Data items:
::::::::::
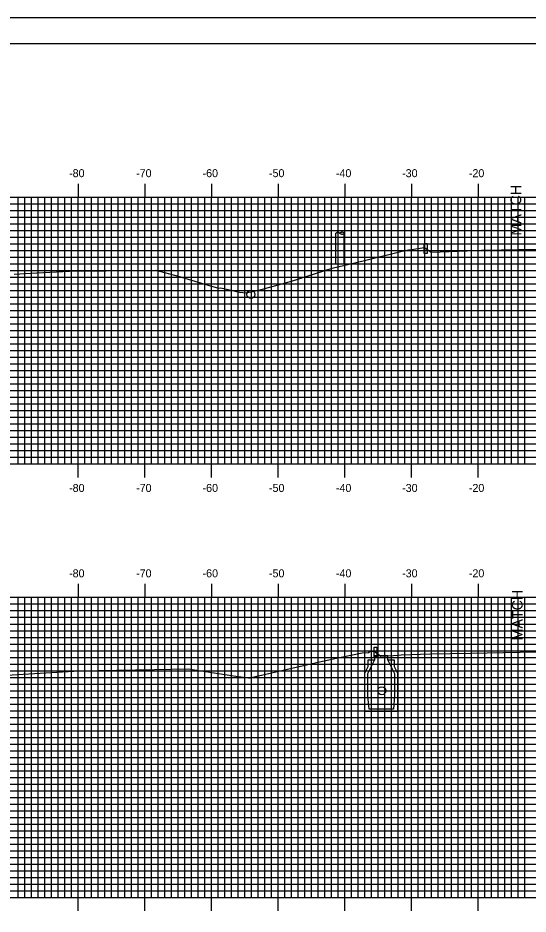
# Model space of a CAD drawing. Extents: x 858052 to 858395, y 364366 to 364586.
# Drawn here: x 858128.3 to 858204.8, y 364451.3 to 364585.7 of the extents above; entities that cross this region are included whole.
import ezdxf

# ---------------------------------------------------------------- set-up
doc = ezdxf.new("R2010")
doc.units = 0
for name, color, linetype in [('ANNOTATION', 7, 'Continuous'), ('BORDER', 7, 'Continuous'), ('H_V ANNOTATION', 7, 'Continuous'), ('M_Roadway_Centerline', 7, 'Continuous'), ('MAJOR', 7, 'Continuous'), ('MINOR', 7, 'Continuous'), ('PLOT BOUNDARY', 7, 'Continuous'), ('S_Curb_Type_1', 7, 'Continuous'), ('S_Drainage_CB', 7, 'Continuous'), ('S_Drainage_Invert', 7, 'Continuous'), ('S_Roadway_Centerline', 7, 'Continuous'), ('S_Utilities_Pole_Power', 7, 'Continuous')]:
    doc.layers.add(name, color=color, linetype=linetype)

msp = doc.modelspace()

# ---------------------------------------------------------------- linework, layer by layer
at = {"layer": 'BORDER'}
msp.add_lwpolyline([(858067.76, 364371.79), (858387.76, 364371.79), (858387.76, 364581.79), (858067.76, 364581.79)], close=True, dxfattribs=at)
at = {"layer": 'MAJOR'}
for p, q in [((858137.36, 364560.79), (858137.36, 364558.79)), ((858147.36, 364560.79), (858147.36, 364558.79)), ((858157.36, 364560.79), (858157.36, 364558.79)), ((858167.36, 364560.79), (858167.36, 364558.79)), ((858177.36, 364560.79), (858177.36, 364558.79)), ((858187.36, 364560.79), (858187.36, 364558.79)), ((858197.36, 364560.79), (858197.36, 364558.79)), ((858077.36, 364558.79), (858357.36, 364558.79)), ((858077.36, 364558.79), (858357.36, 364558.79)), ((858137.36, 364518.79), (858137.36, 364558.79)), ((858147.36, 364518.79), (858147.36, 364558.79)), ((858157.36, 364518.79), (858157.36, 364558.79)), ((858167.36, 364518.79), (858167.36, 364558.79)), ((858177.36, 364518.79), (858177.36, 364558.79)), ((858187.36, 364518.79), (858187.36, 364558.79)), ((858197.36, 364518.79), (858197.36, 364558.79)), ((858077.36, 364553.79), (858357.36, 364553.79)), ((858077.36, 364548.79), (858357.36, 364548.79)), ((858077.36, 364543.79), (858357.36, 364543.79)), ((858077.36, 364538.79), (858357.36, 364538.79)), ((858077.36, 364533.79), (858357.36, 364533.79)), ((858077.36, 364528.79), (858357.36, 364528.79)), ((858077.36, 364523.79), (858357.36, 364523.79)), ((858077.36, 364518.79), (858357.36, 364518.79)), ((858077.36, 364518.79), (858357.36, 364518.79)), ((858137.36, 364516.78), (858137.36, 364518.79)), ((858147.36, 364516.78), (858147.36, 364518.79)), ((858157.36, 364516.78), (858157.36, 364518.79)), ((858167.36, 364516.78), (858167.36, 364518.79)), ((858177.36, 364516.78), (858177.36, 364518.79)), ((858187.36, 364516.78), (858187.36, 364518.79)), ((858197.36, 364516.78), (858197.36, 364518.79)), ((858137.36, 364500.79), (858137.36, 364498.79)), ((858147.36, 364500.79), (858147.36, 364498.79)), ((858157.36, 364500.79), (858157.36, 364498.79)), ((858167.36, 364500.79), (858167.36, 364498.79)), ((858177.36, 364500.79), (858177.36, 364498.79)), ((858187.36, 364500.79), (858187.36, 364498.79)), ((858197.36, 364500.79), (858197.36, 364498.79)), ((858077.36, 364498.79), (858357.36, 364498.79)), ((858077.36, 364498.79), (858357.36, 364498.79)), ((858137.36, 364453.79), (858137.36, 364498.79)), ((858147.36, 364453.79), (858147.36, 364498.79)), ((858157.36, 364453.79), (858157.36, 364498.79)), ((858167.36, 364453.79), (858167.36, 364498.79)), ((858177.36, 364453.79), (858177.36, 364498.79)), ((858187.36, 364453.79), (858187.36, 364498.79)), ((858197.36, 364453.79), (858197.36, 364498.79)), ((858077.36, 364493.79), (858357.36, 364493.79)), ((858077.36, 364488.79), (858357.36, 364488.79)), ((858077.36, 364483.79), (858357.36, 364483.79)), ((858077.36, 364478.79), (858357.36, 364478.79)), ((858077.36, 364473.79), (858357.36, 364473.79)), ((858077.36, 364468.79), (858357.36, 364468.79)), ((858077.36, 364463.79), (858357.36, 364463.79)), ((858077.36, 364458.79), (858357.36, 364458.79)), ((858077.36, 364453.79), (858357.36, 364453.79)), ((858077.36, 364453.79), (858357.36, 364453.79)), ((858137.36, 364451.78), (858137.36, 364453.79)), ((858147.36, 364451.78), (858147.36, 364453.79)), ((858157.36, 364451.78), (858157.36, 364453.79)), ((858167.36, 364451.78), (858167.36, 364453.79)), ((858177.36, 364451.78), (858177.36, 364453.79)), ((858187.36, 364451.78), (858187.36, 364453.79)), ((858197.36, 364451.78), (858197.36, 364453.79))]:
    msp.add_line(p, q, dxfattribs=at)
at = {"layer": 'MINOR'}
for p, q in [((858128.36, 364518.79), (858128.36, 364558.79)), ((858129.36, 364518.79), (858129.36, 364558.79)), ((858130.36, 364518.79), (858130.36, 364558.79)), ((858131.36, 364518.79), (858131.36, 364558.79)), ((858132.36, 364518.79), (858132.36, 364558.79)), ((858133.36, 364518.79), (858133.36, 364558.79)), ((858134.36, 364518.79), (858134.36, 364558.79)), ((858135.36, 364518.79), (858135.36, 364558.79)), ((858136.36, 364518.79), (858136.36, 364558.79)), ((858138.36, 364518.79), (858138.36, 364558.79)), ((858139.36, 364518.79), (858139.36, 364558.79)), ((858140.36, 364518.79), (858140.36, 364558.79)), ((858141.36, 364518.79), (858141.36, 364558.79)), ((858142.36, 364518.79), (858142.36, 364558.79)), ((858143.36, 364518.79), (858143.36, 364558.79)), ((858144.36, 364518.79), (858144.36, 364558.79)), ((858145.36, 364518.79), (858145.36, 364558.79)), ((858146.36, 364518.79), (858146.36, 364558.79)), ((858148.36, 364518.79), (858148.36, 364558.79)), ((858149.36, 364518.79), (858149.36, 364558.79)), ((858150.36, 364518.79), (858150.36, 364558.79)), ((858151.36, 364518.79), (858151.36, 364558.79)), ((858152.36, 364518.79), (858152.36, 364558.79)), ((858153.36, 364518.79), (858153.36, 364558.79)), ((858154.36, 364518.79), (858154.36, 364558.79)), ((858155.36, 364518.79), (858155.36, 364558.79)), ((858156.36, 364518.79), (858156.36, 364558.79)), ((858158.36, 364518.79), (858158.36, 364558.79)), ((858159.36, 364518.79), (858159.36, 364558.79)), ((858160.36, 364518.79), (858160.36, 364558.79)), ((858161.36, 364518.79), (858161.36, 364558.79)), ((858162.36, 364518.79), (858162.36, 364558.79)), ((858163.36, 364518.79), (858163.36, 364558.79)), ((858164.36, 364518.79), (858164.36, 364558.79)), ((858165.36, 364518.79), (858165.36, 364558.79)), ((858166.36, 364518.79), (858166.36, 364558.79)), ((858168.36, 364518.79), (858168.36, 364558.79)), ((858169.36, 364518.79), (858169.36, 364558.79)), ((858170.36, 364518.79), (858170.36, 364558.79)), ((858171.36, 364518.79), (858171.36, 364558.79)), ((858172.36, 364518.79), (858172.36, 364558.79)), ((858173.36, 364518.79), (858173.36, 364558.79)), ((858174.36, 364518.79), (858174.36, 364558.79)), ((858175.36, 364518.79), (858175.36, 364558.79)), ((858176.36, 364518.79), (858176.36, 364558.79)), ((858178.36, 364518.79), (858178.36, 364558.79)), ((858179.36, 364518.79), (858179.36, 364558.79)), ((858180.36, 364518.79), (858180.36, 364558.79)), ((858181.36, 364518.79), (858181.36, 364558.79)), ((858182.36, 364518.79), (858182.36, 364558.79)), ((858183.36, 364518.79), (858183.36, 364558.79)), ((858184.36, 364518.79), (858184.36, 364558.79)), ((858185.36, 364518.79), (858185.36, 364558.79)), ((858186.36, 364518.79), (858186.36, 364558.79)), ((858188.36, 364518.79), (858188.36, 364558.79)), ((858189.36, 364518.79), (858189.36, 364558.79)), ((858190.36, 364518.79), (858190.36, 364558.79)), ((858191.36, 364518.79), (858191.36, 364558.79)), ((858192.36, 364518.79), (858192.36, 364558.79)), ((858193.36, 364518.79), (858193.36, 364558.79)), ((858194.36, 364518.79), (858194.36, 364558.79)), ((858195.36, 364518.79), (858195.36, 364558.79)), ((858196.36, 364518.79), (858196.36, 364558.79)), ((858198.36, 364518.79), (858198.36, 364558.79)), ((858199.36, 364518.79), (858199.36, 364558.79)), ((858200.36, 364518.79), (858200.36, 364558.79)), ((858201.36, 364518.79), (858201.36, 364558.79)), ((858202.36, 364518.79), (858202.36, 364558.79)), ((858203.36, 364518.79), (858203.36, 364558.79)), ((858204.36, 364518.79), (858204.36, 364558.79)), ((858077.36, 364557.79), (858357.36, 364557.79)), ((858077.36, 364556.79), (858357.36, 364556.79)), ((858077.36, 364555.79), (858357.36, 364555.79)), ((858077.36, 364554.79), (858357.36, 364554.79)), ((858077.36, 364552.79), (858357.36, 364552.79)), ((858077.36, 364551.79), (858357.36, 364551.79)), ((858077.36, 364550.79), (858357.36, 364550.79)), ((858077.36, 364549.79), (858357.36, 364549.79)), ((858077.36, 364547.79), (858357.36, 364547.79)), ((858077.36, 364546.79), (858357.36, 364546.79)), ((858077.36, 364545.79), (858357.36, 364545.79)), ((858077.36, 364544.79), (858357.36, 364544.79)), ((858077.36, 364542.79), (858357.36, 364542.79)), ((858077.36, 364541.79), (858357.36, 364541.79)), ((858077.36, 364540.79), (858357.36, 364540.79)), ((858077.36, 364539.79), (858357.36, 364539.79)), ((858077.36, 364537.79), (858357.36, 364537.79)), ((858077.36, 364536.79), (858357.36, 364536.79)), ((858077.36, 364535.79), (858357.36, 364535.79)), ((858077.36, 364534.79), (858357.36, 364534.79)), ((858077.36, 364532.79), (858357.36, 364532.79)), ((858077.36, 364531.79), (858357.36, 364531.79)), ((858077.36, 364530.79), (858357.36, 364530.79)), ((858077.36, 364529.79), (858357.36, 364529.79)), ((858077.36, 364527.79), (858357.36, 364527.79)), ((858077.36, 364526.79), (858357.36, 364526.79)), ((858077.36, 364525.79), (858357.36, 364525.79)), ((858077.36, 364524.79), (858357.36, 364524.79)), ((858077.36, 364522.79), (858357.36, 364522.79)), ((858077.36, 364521.79), (858357.36, 364521.79)), ((858077.36, 364520.79), (858357.36, 364520.79)), ((858077.36, 364519.79), (858357.36, 364519.79)), ((858128.36, 364453.79), (858128.36, 364498.79)), ((858129.36, 364453.79), (858129.36, 364498.79)), ((858130.36, 364453.79), (858130.36, 364498.79)), ((858131.36, 364453.79), (858131.36, 364498.79)), ((858132.36, 364453.79), (858132.36, 364498.79)), ((858133.36, 364453.79), (858133.36, 364498.79)), ((858134.36, 364453.79), (858134.36, 364498.79)), ((858135.36, 364453.79), (858135.36, 364498.79)), ((858136.36, 364453.79), (858136.36, 364498.79)), ((858138.36, 364453.79), (858138.36, 364498.79)), ((858139.36, 364453.79), (858139.36, 364498.79)), ((858140.36, 364453.79), (858140.36, 364498.79)), ((858141.36, 364453.79), (858141.36, 364498.79)), ((858142.36, 364453.79), (858142.36, 364498.79)), ((858143.36, 364453.79), (858143.36, 364498.79)), ((858144.36, 364453.79), (858144.36, 364498.79)), ((858145.36, 364453.79), (858145.36, 364498.79)), ((858146.36, 364453.79), (858146.36, 364498.79)), ((858148.36, 364453.79), (858148.36, 364498.79)), ((858149.36, 364453.79), (858149.36, 364498.79)), ((858150.36, 364453.79), (858150.36, 364498.79)), ((858151.36, 364453.79), (858151.36, 364498.79)), ((858152.36, 364453.79), (858152.36, 364498.79)), ((858153.36, 364453.79), (858153.36, 364498.79)), ((858154.36, 364453.79), (858154.36, 364498.79)), ((858155.36, 364453.79), (858155.36, 364498.79)), ((858156.36, 364453.79), (858156.36, 364498.79)), ((858158.36, 364453.79), (858158.36, 364498.79)), ((858159.36, 364453.79), (858159.36, 364498.79)), ((858160.36, 364453.79), (858160.36, 364498.79)), ((858161.36, 364453.79), (858161.36, 364498.79)), ((858162.36, 364453.79), (858162.36, 364498.79)), ((858163.36, 364453.79), (858163.36, 364498.79)), ((858164.36, 364453.79), (858164.36, 364498.79)), ((858165.36, 364453.79), (858165.36, 364498.79)), ((858166.36, 364453.79), (858166.36, 364498.79)), ((858168.36, 364453.79), (858168.36, 364498.79)), ((858169.36, 364453.79), (858169.36, 364498.79)), ((858170.36, 364453.79), (858170.36, 364498.79)), ((858171.36, 364453.79), (858171.36, 364498.79)), ((858172.36, 364453.79), (858172.36, 364498.79)), ((858173.36, 364453.79), (858173.36, 364498.79)), ((858174.36, 364453.79), (858174.36, 364498.79)), ((858175.36, 364453.79), (858175.36, 364498.79)), ((858176.36, 364453.79), (858176.36, 364498.79)), ((858178.36, 364453.79), (858178.36, 364498.79)), ((858179.36, 364453.79), (858179.36, 364498.79)), ((858180.36, 364453.79), (858180.36, 364498.79)), ((858181.36, 364453.79), (858181.36, 364498.79)), ((858182.36, 364453.79), (858182.36, 364498.79)), ((858183.36, 364453.79), (858183.36, 364498.79)), ((858184.36, 364453.79), (858184.36, 364498.79)), ((858185.36, 364453.79), (858185.36, 364498.79)), ((858186.36, 364453.79), (858186.36, 364498.79)), ((858188.36, 364453.79), (858188.36, 364498.79)), ((858189.36, 364453.79), (858189.36, 364498.79)), ((858190.36, 364453.79), (858190.36, 364498.79)), ((858191.36, 364453.79), (858191.36, 364498.79)), ((858192.36, 364453.79), (858192.36, 364498.79)), ((858193.36, 364453.79), (858193.36, 364498.79)), ((858194.36, 364453.79), (858194.36, 364498.79)), ((858195.36, 364453.79), (858195.36, 364498.79)), ((858196.36, 364453.79), (858196.36, 364498.79)), ((858198.36, 364453.79), (858198.36, 364498.79)), ((858199.36, 364453.79), (858199.36, 364498.79)), ((858200.36, 364453.79), (858200.36, 364498.79)), ((858201.36, 364453.79), (858201.36, 364498.79)), ((858202.36, 364453.79), (858202.36, 364498.79)), ((858203.36, 364453.79), (858203.36, 364498.79)), ((858204.36, 364453.79), (858204.36, 364498.79)), ((858077.36, 364497.79), (858357.36, 364497.79)), ((858077.36, 364496.79), (858357.36, 364496.79)), ((858077.36, 364495.79), (858357.36, 364495.79)), ((858077.36, 364494.79), (858357.36, 364494.79)), ((858077.36, 364492.79), (858357.36, 364492.79)), ((858077.36, 364491.79), (858357.36, 364491.79)), ((858077.36, 364490.79), (858357.36, 364490.79)), ((858077.36, 364489.79), (858357.36, 364489.79)), ((858077.36, 364487.79), (858357.36, 364487.79)), ((858077.36, 364486.79), (858357.36, 364486.79)), ((858077.36, 364485.79), (858357.36, 364485.79)), ((858077.36, 364484.79), (858357.36, 364484.79)), ((858077.36, 364482.79), (858357.36, 364482.79)), ((858077.36, 364481.79), (858357.36, 364481.79)), ((858077.36, 364480.79), (858357.36, 364480.79)), ((858077.36, 364479.79), (858357.36, 364479.79)), ((858077.36, 364477.79), (858357.36, 364477.79)), ((858077.36, 364476.79), (858357.36, 364476.79)), ((858077.36, 364475.79), (858357.36, 364475.79)), ((858077.36, 364474.79), (858357.36, 364474.79)), ((858077.36, 364472.79), (858357.36, 364472.79)), ((858077.36, 364471.79), (858357.36, 364471.79)), ((858077.36, 364470.79), (858357.36, 364470.79)), ((858077.36, 364469.79), (858357.36, 364469.79)), ((858077.36, 364467.79), (858357.36, 364467.79)), ((858077.36, 364466.79), (858357.36, 364466.79)), ((858077.36, 364465.79), (858357.36, 364465.79)), ((858077.36, 364464.79), (858357.36, 364464.79)), ((858077.36, 364462.79), (858357.36, 364462.79)), ((858077.36, 364461.79), (858357.36, 364461.79)), ((858077.36, 364460.79), (858357.36, 364460.79)), ((858077.36, 364459.79), (858357.36, 364459.79)), ((858077.36, 364457.79), (858357.36, 364457.79)), ((858077.36, 364456.79), (858357.36, 364456.79)), ((858077.36, 364455.79), (858357.36, 364455.79)), ((858077.36, 364454.79), (858357.36, 364454.79))]:
    msp.add_line(p, q, dxfattribs=at)
at = {"layer": 'PLOT BOUNDARY'}
msp.add_lwpolyline([(858051.57, 364365.67), (858391.57, 364365.67), (858391.57, 364585.67), (858051.57, 364585.67)], close=True, dxfattribs=at)
at = {"layer": 'S_Curb_Type_1'}
for points in [[(858189.26, 364551.84), (858189.68, 364551.84), (858189.68, 364550.34), (858189.26, 364550.34)], [(858189.26, 364551.84), (858189.68, 364551.84), (858189.68, 364550.34), (858189.26, 364550.34)], [(858181.73, 364491.3), (858182.15, 364491.3), (858182.15, 364489.8), (858181.73, 364489.8)], [(858181.73, 364491.3), (858182.15, 364491.3), (858182.15, 364489.8), (858181.73, 364489.8)]]:
    msp.add_lwpolyline(points, close=True, dxfattribs=at)
at = {"layer": 'S_Drainage_CB'}
for p, q in [((858181.8, 364489.35), (858180.82, 364489.35)), ((858180.82, 364489.35), (858180.82, 364488.36)), ((858180.82, 364487.35), (858181.8, 364489.35)), ((858184.82, 364489.35), (858183.8, 364489.35)), ((858183.8, 364489.35), (858184.82, 364487.35)), ((858184.82, 364488.36), (858184.82, 364489.35)), ((858180.82, 364488.36), (858180.32, 364487.35)), ((858185.31, 364487.35), (858184.82, 364488.36)), ((858180.32, 364487.35), (858180.32, 364481.7)), ((858180.82, 364484.03), (858180.82, 364487.35)), ((858184.82, 364487.35), (858184.82, 364484.03)), ((858185.31, 364481.7), (858185.31, 364487.35)), ((858180.98, 364482.03), (858180.82, 364484.03)), ((858184.82, 364484.03), (858184.65, 364482.03)), ((858180.32, 364481.7), (858185.31, 364481.7)), ((858184.65, 364482.03), (858180.98, 364482.03))]:
    msp.add_line(p, q, dxfattribs=at)
msp.add_lwpolyline([(858184.29, 364489.39), (858183.8, 364489.39), (858183.8, 364490.01), (858181.8, 364490.01), (858181.8, 364489.39), (858181.31, 364489.39)], dxfattribs=at)
at = {"layer": 'S_Drainage_Invert'}
for centre in [(858163.27, 364544.2), (858163.27, 364544.2), (858182.89, 364484.77), (858182.89, 364484.77)]:
    msp.add_circle(centre, 0.6, dxfattribs=at)
at = {"layer": 'S_Roadway_Centerline'}
for points in [[(858127.75, 364547.23), (858131.14, 364547.46), (858136.05, 364547.69), (858147.1, 364547.82), (858149.01, 364547.86), (858152.37, 364546.97), (858156.83, 364545.61), (858158.38, 364545.16), (858158.73, 364545.18), (858161.56, 364544.56), (858162.56, 364544.44), (858164.46, 364544.84), (858169.34, 364546.22), (858175.47, 364548.13), (858179.07, 364548.98), (858180.52, 364549.37), (858185.97, 364550.67), (858186.89, 364550.87), (858187.11, 364550.89), (858189.26, 364551.25), (858189.44, 364551.16), (858190.28, 364550.56), (858197.05, 364550.8), (858197.87, 364550.85), (858200.85, 364550.9), (858211.29, 364551.11)], [(858125.73, 364487.08), (858136.7, 364487.71), (858137.41, 364487.77), (858148.81, 364487.99), (858153.84, 364488.06), (858161, 364486.97), (858162.9, 364486.74), (858163.1, 364486.7), (858163.17, 364486.71), (858163.3, 364486.75), (858173.55, 364489.1), (858176.82, 364489.81), (858179.96, 364490.45), (858180.89, 364490.53), (858181.1, 364490.65), (858181.41, 364490.7), (858181.45, 364490.69), (858181.73, 364490.71), (858181.96, 364490.59), (858182.76, 364489.97), (858184.63, 364490.06), (858185.78, 364490.15), (858190.14, 364490.34), (858196.2, 364490.43), (858203.63, 364490.57), (858208.81, 364490.66)]]:
    msp.add_lwpolyline(points, dxfattribs=at)
at = {"layer": 'S_Utilities_Pole_Power'}
for p, q in [((858175.99, 364553.39), (858176.15, 364553.5)), ((858175.99, 364553.39), (858176.15, 364553.5)), ((858175.99, 364548.77), (858175.99, 364553.39)), ((858175.99, 364548.77), (858175.99, 364553.39)), ((858176.46, 364553.5), (858176.62, 364553.39)), ((858176.46, 364553.5), (858176.62, 364553.39)), ((858176.77, 364553.5), (858176.62, 364553.39)), ((858176.77, 364553.5), (858176.62, 364553.39)), ((858176.62, 364553.39), (858176.77, 364553.28)), ((858176.62, 364553.39), (858176.77, 364553.28)), ((858177.24, 364553.39), (858177.08, 364553.5)), ((858177.24, 364553.39), (858177.08, 364553.5)), ((858177.08, 364553.28), (858177.24, 364553.39)), ((858177.08, 364553.28), (858177.24, 364553.39)), ((858177.24, 364548.77), (858177.24, 364553.39)), ((858177.24, 364548.77), (858177.24, 364553.39))]:
    msp.add_line(p, q, dxfattribs=at)
for centre, start, end in [((858176.3, 364553.28), 90, 125.2644), ((858176.3, 364553.28), 90, 125.2644), ((858176.3, 364553.28), 54.7356, 90), ((858176.3, 364553.28), 54.7356, 90), ((858176.93, 364553.28), 90, 125.2644), ((858176.93, 364553.28), 90, 125.2644), ((858176.93, 364553.28), 54.7356, 90), ((858176.93, 364553.28), 54.7356, 90), ((858176.93, 364553.5), 234.7356, 270), ((858176.93, 364553.5), 234.7356, 270), ((858176.93, 364553.5), 270, 305.2644), ((858176.93, 364553.5), 270, 305.2644)]:
    msp.add_arc(centre, 0.271, start, end, dxfattribs=at)

# ---------------------------------------------------------------- texts
at = {"layer": 'ANNOTATION'}
for p in [(858203.8, 364553.04), (858204.02, 364492.32), (858204.02, 364492.32)]:
    msp.add_text('MATCH', height=1.6, rotation=90, dxfattribs=at).set_placement(p)
at = {"layer": 'H_V ANNOTATION'}
for s, p in [('-80', (858135.99, 364561.79)), ('-70', (858146.04, 364561.79)), ('-60', (858156.01, 364561.79)), ('-50', (858165.97, 364561.79)), ('-40', (858176.01, 364561.79)), ('-30', (858185.94, 364561.79)), ('-20', (858195.95, 364561.79)), ('-80', (858135.99, 364514.59)), ('-70', (858146.04, 364514.59)), ('-60', (858156.01, 364514.59)), ('-50', (858165.97, 364514.59)), ('-40', (858176.01, 364514.59)), ('-30', (858185.94, 364514.59)), ('-20', (858195.95, 364514.59)), ('-80', (858135.99, 364501.79)), ('-70', (858146.04, 364501.79)), ('-60', (858156.01, 364501.79)), ('-50', (858165.97, 364501.79)), ('-40', (858176.01, 364501.79)), ('-30', (858185.94, 364501.79)), ('-20', (858195.95, 364501.79))]:
    msp.add_text(s, height=1.2, dxfattribs=at).set_placement(p)
at = {"layer": 'M_Roadway_Centerline'}
for s, p in [('C', (858131.13, 364547.46)), ('L', (858131.14, 364547.46)), ('C', (858137.4, 364487.77)), ('L', (858137.41, 364487.77))]:
    msp.add_text(s, height=0.0146, dxfattribs=at).set_placement(p)

doc.saveas('drawing.dxf')
::::::::::
EXERCISE DETAILS: Gather up the lines containing the word "close" from these records and copy them.

FINAL ANSWER:
msp.add_lwpolyline([(858067.76, 364371.79), (858387.76, 364371.79), (858387.76, 364581.79), (858067.76, 364581.79)], close=True, dxfattribs=at)
msp.add_lwpolyline([(858051.57, 364365.67), (858391.57, 364365.67), (858391.57, 364585.67), (858051.57, 364585.67)], close=True, dxfattribs=at)
    msp.add_lwpolyline(points, close=True, dxfattribs=at)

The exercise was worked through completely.